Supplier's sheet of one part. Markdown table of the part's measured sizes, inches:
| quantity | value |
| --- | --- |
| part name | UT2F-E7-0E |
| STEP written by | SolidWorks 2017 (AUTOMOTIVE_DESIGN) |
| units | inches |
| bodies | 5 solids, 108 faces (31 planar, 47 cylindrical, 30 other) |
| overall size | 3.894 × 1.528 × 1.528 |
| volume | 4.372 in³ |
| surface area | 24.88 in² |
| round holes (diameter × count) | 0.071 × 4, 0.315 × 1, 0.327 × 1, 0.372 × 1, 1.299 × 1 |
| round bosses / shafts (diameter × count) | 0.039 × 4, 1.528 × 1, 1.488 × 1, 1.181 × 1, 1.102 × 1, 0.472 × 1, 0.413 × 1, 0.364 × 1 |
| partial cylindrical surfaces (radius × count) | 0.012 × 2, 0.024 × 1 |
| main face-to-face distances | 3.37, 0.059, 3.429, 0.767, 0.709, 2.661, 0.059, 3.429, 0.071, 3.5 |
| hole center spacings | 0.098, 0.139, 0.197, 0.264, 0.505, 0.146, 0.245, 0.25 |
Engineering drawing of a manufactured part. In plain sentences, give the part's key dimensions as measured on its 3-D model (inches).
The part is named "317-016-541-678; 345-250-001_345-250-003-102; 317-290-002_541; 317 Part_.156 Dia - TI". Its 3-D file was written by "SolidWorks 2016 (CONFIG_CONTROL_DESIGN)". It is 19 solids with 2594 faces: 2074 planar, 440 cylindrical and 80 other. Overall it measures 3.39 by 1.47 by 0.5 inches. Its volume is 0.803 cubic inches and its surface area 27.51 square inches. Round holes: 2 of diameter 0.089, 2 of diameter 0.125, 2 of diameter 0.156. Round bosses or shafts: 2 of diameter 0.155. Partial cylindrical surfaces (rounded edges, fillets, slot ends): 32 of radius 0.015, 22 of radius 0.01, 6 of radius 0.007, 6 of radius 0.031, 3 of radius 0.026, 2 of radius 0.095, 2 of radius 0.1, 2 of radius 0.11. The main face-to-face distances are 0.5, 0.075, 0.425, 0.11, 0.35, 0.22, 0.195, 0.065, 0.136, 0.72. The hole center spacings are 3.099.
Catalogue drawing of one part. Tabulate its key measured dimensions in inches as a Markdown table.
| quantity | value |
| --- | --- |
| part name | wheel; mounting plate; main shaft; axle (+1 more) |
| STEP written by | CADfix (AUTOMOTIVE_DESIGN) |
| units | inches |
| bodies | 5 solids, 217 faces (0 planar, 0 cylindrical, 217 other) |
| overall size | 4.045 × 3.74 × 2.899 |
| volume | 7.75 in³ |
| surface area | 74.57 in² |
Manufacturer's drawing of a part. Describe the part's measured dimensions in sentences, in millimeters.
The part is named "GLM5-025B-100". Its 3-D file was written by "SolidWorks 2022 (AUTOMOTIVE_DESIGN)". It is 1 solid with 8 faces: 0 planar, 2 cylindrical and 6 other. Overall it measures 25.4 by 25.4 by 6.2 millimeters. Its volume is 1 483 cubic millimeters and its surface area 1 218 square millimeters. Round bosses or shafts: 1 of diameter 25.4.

::::

Required action:
Each record above needs to be set down again, word for word.

Written answer:
Supplier's sheet of one part. Markdown table of the part's measured sizes, inches:
| quantity | value |
| --- | --- |
| part name | UT2F-E7-0E |
| STEP written by | SolidWorks 2017 (AUTOMOTIVE_DESIGN) |
| units | inches |
| bodies | 5 solids, 108 faces (31 planar, 47 cylindrical, 30 other) |
| overall size | 3.894 × 1.528 × 1.528 |
| volume | 4.372 in³ |
| surface area | 24.88 in² |
| round holes (diameter × count) | 0.071 × 4, 0.315 × 1, 0.327 × 1, 0.372 × 1, 1.299 × 1 |
| round bosses / shafts (diameter × count) | 0.039 × 4, 1.528 × 1, 1.488 × 1, 1.181 × 1, 1.102 × 1, 0.472 × 1, 0.413 × 1, 0.364 × 1 |
| partial cylindrical surfaces (radius × count) | 0.012 × 2, 0.024 × 1 |
| main face-to-face distances | 3.37, 0.059, 3.429, 0.767, 0.709, 2.661, 0.059, 3.429, 0.071, 3.5 |
| hole center spacings | 0.098, 0.139, 0.197, 0.264, 0.505, 0.146, 0.245, 0.25 |
Engineering drawing of a manufactured part. In plain sentences, give the part's key dimensions as measured on its 3-D model (inches).
The part is named "317-016-541-678; 345-250-001_345-250-003-102; 317-290-002_541; 317 Part_.156 Dia - TI". Its 3-D file was written by "SolidWorks 2016 (CONFIG_CONTROL_DESIGN)". It is 19 solids with 2594 faces: 2074 planar, 440 cylindrical and 80 other. Overall it measures 3.39 by 1.47 by 0.5 inches. Its volume is 0.803 cubic inches and its surface area 27.51 square inches. Round holes: 2 of diameter 0.089, 2 of diameter 0.125, 2 of diameter 0.156. Round bosses or shafts: 2 of diameter 0.155. Partial cylindrical surfaces (rounded edges, fillets, slot ends): 32 of radius 0.015, 22 of radius 0.01, 6 of radius 0.007, 6 of radius 0.031, 3 of radius 0.026, 2 of radius 0.095, 2 of radius 0.1, 2 of radius 0.11. The main face-to-face distances are 0.5, 0.075, 0.425, 0.11, 0.35, 0.22, 0.195, 0.065, 0.136, 0.72. The hole center spacings are 3.099.
Catalogue drawing of one part. Tabulate its key measured dimensions in inches as a Markdown table.
| quantity | value |
| --- | --- |
| part name | wheel; mounting plate; main shaft; axle (+1 more) |
| STEP written by | CADfix (AUTOMOTIVE_DESIGN) |
| units | inches |
| bodies | 5 solids, 217 faces (0 planar, 0 cylindrical, 217 other) |
| overall size | 4.045 × 3.74 × 2.899 |
| volume | 7.75 in³ |
| surface area | 74.57 in² |
Manufacturer's drawing of a part. Describe the part's measured dimensions in sentences, in millimeters.
The part is named "GLM5-025B-100". Its 3-D file was written by "SolidWorks 2022 (AUTOMOTIVE_DESIGN)". It is 1 solid with 8 faces: 0 planar, 2 cylindrical and 6 other. Overall it measures 25.4 by 25.4 by 6.2 millimeters. Its volume is 1 483 cubic millimeters and its surface area 1 218 square millimeters. Round bosses or shafts: 1 of diameter 25.4.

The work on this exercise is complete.